Mechanism of the development of thrombocytosis
The evolution of these family thrombocytosis is still little known yet. However, this thrombocytosis variant differs from the primary thrombocytosis, significantly smaller hemostatic complications (thrombotic or hemorrhagic) in children.
Treatment and prevention of thrombocytosis
The testimony for treatment is required to be discussed with each member of a family affected by this ailment, depending on the presence of additional risk of thrombosis (vascular pathology, heart disease, the availability of testimony to bed regime, as well as biological factors predisposing to thrombosis). A lot of important role in the treatment of thrombocytosis plays the amount of platelets and the tolerance of the disease to treatment.

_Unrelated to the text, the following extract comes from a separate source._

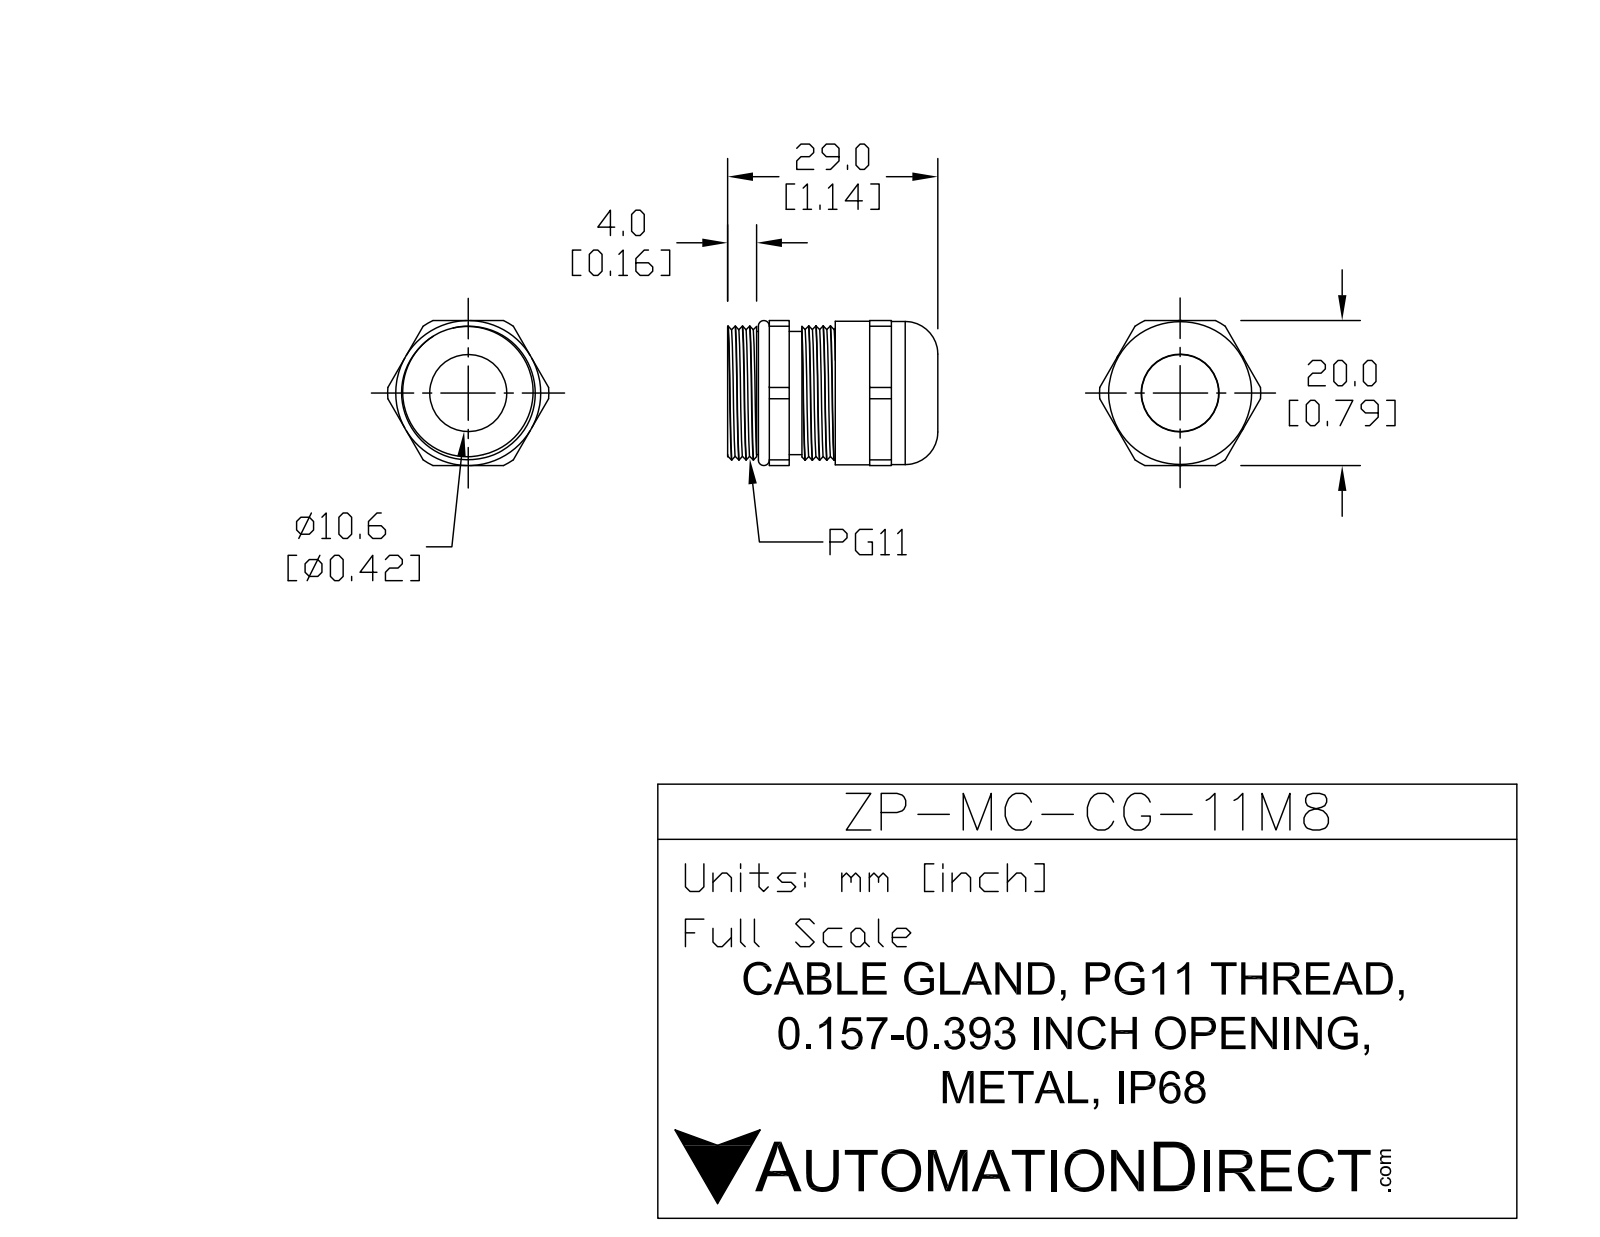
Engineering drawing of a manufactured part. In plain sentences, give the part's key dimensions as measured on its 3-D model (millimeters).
The part is named "ZP-MC-CG-11M8". Its 3-D file was written by "SolidWorks 2011 (AUTOMOTIVE_DESIGN)". It is 2 solids with 56 faces: 24 planar, 23 cylindrical and 9 other. Overall it measures 29.15 by 22.25 by 20 millimeters. Its volume is 5 677 cubic millimeters and its surface area 3 991 square millimeters. Round holes: 1 of diameter 10.65, 1 of diameter 18.97. Round bosses or shafts: 1 of diameter 19.8, 1 of diameter 19.75, 1 of diameter 18.5, 1 of diameter 18.45, 1 of diameter 17. Partial cylindrical surfaces (rounded edges, fillets, slot ends): 1 of radius 9.38, 1 of radius 11.12. The main face-to-face distances are 20, 8.5, 5.75, 2.75, 1.75, 4.5, 4.75, 22.75, 17, 14.25.
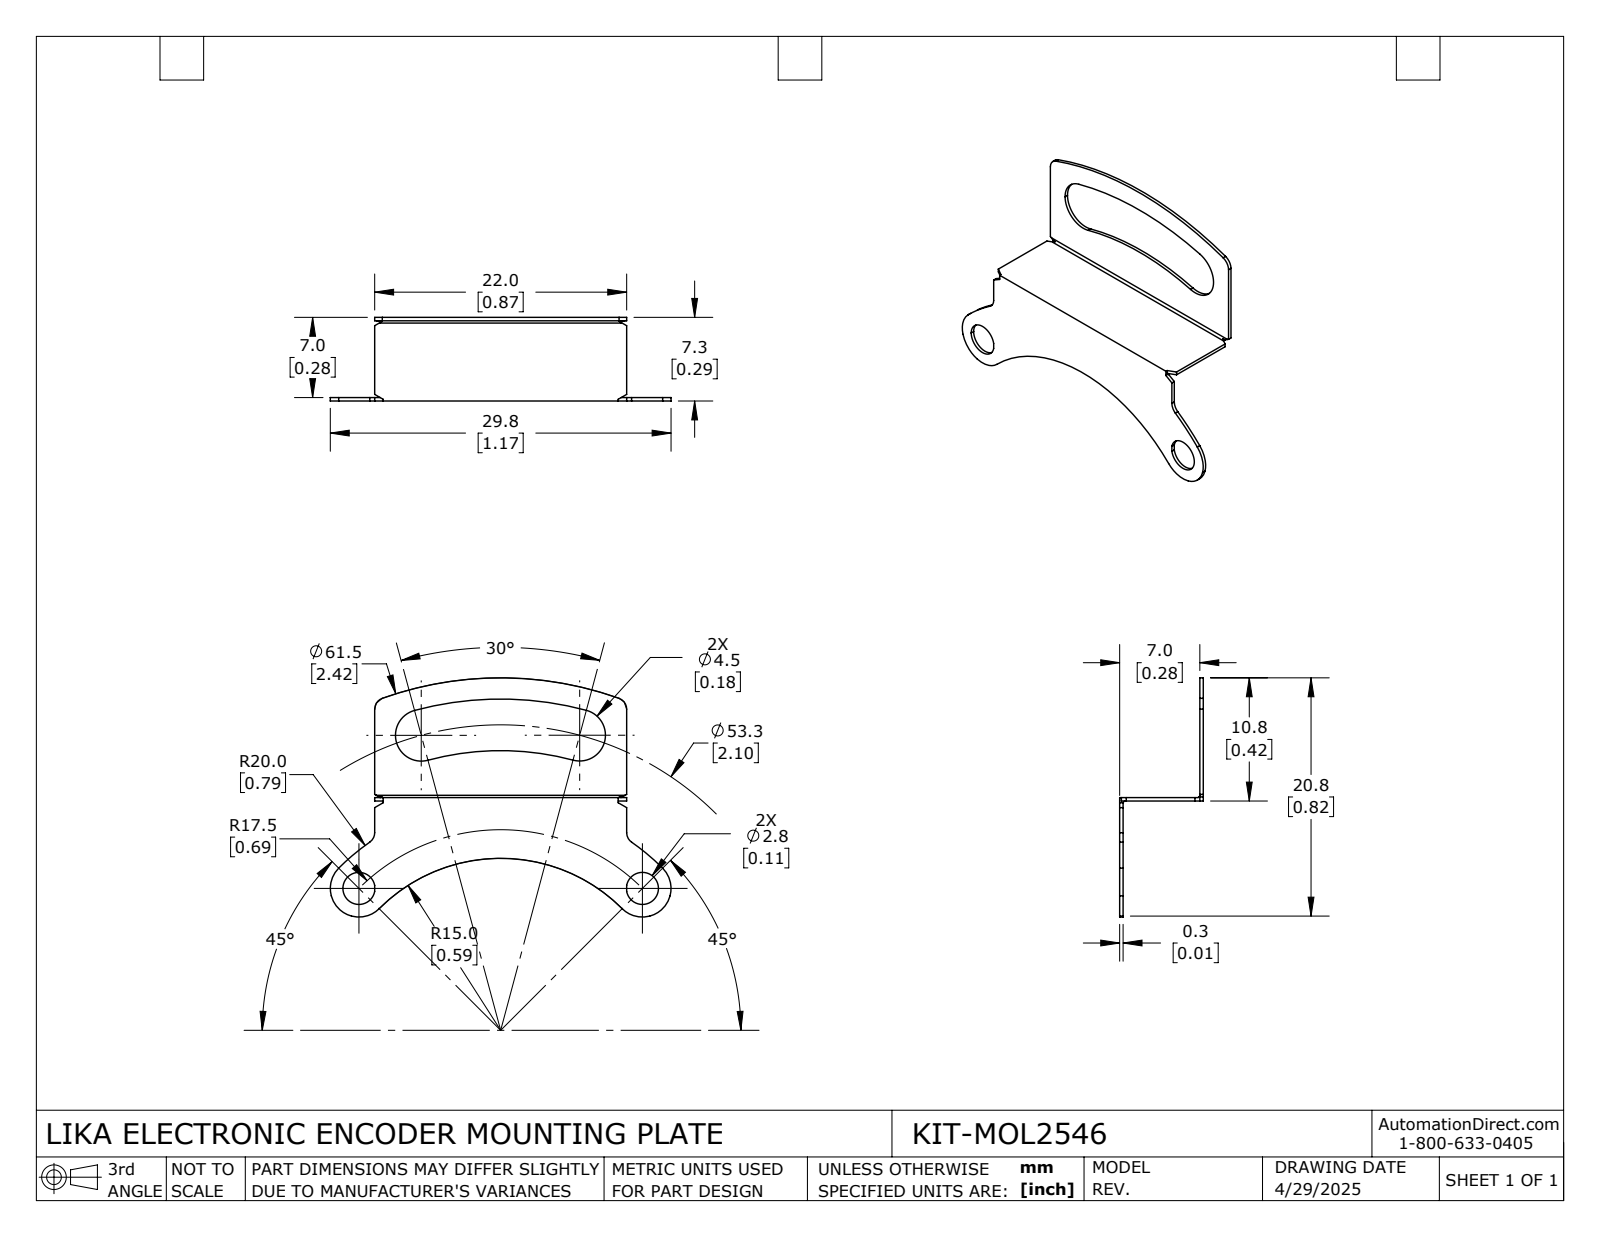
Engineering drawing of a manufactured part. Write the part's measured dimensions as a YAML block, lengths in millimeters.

Treatment of thrombocytosis is carried out by myelosan, myelobromol and other cytostatic drugs for several weeks before normalizing the number of platelets. With disorders in the microcirculatory line, antiagregants are prescribed (acetylsalicylic acid, Trental and DR.). Antiagregants - substances that oppress the process of platelet aggregation and red blood cells, that is, reduce their ability to gluing and sticking to the vascular wall. Reducing the surface tension of the erythrocyte membranes, they facilitate their deformation when passing through the capillaries and improve «fluidity» blood. Antiagregants are capable not only to warn the aggregation, but also cause a disaggregation of already aggregated blood plates. Apply them to prevent the formation of thrombus.
In some cases, thrombocytosis can flow for a long time without pronounced external symptoms (with a small thrombocytosis and without thrombohemorgic complications), while not required treatment. The forecast in this case is relatively favorable.
Introduction The prevention of thrombosis aspirin requires discussion with respect to each patient depending on the violations of platelet aggregation.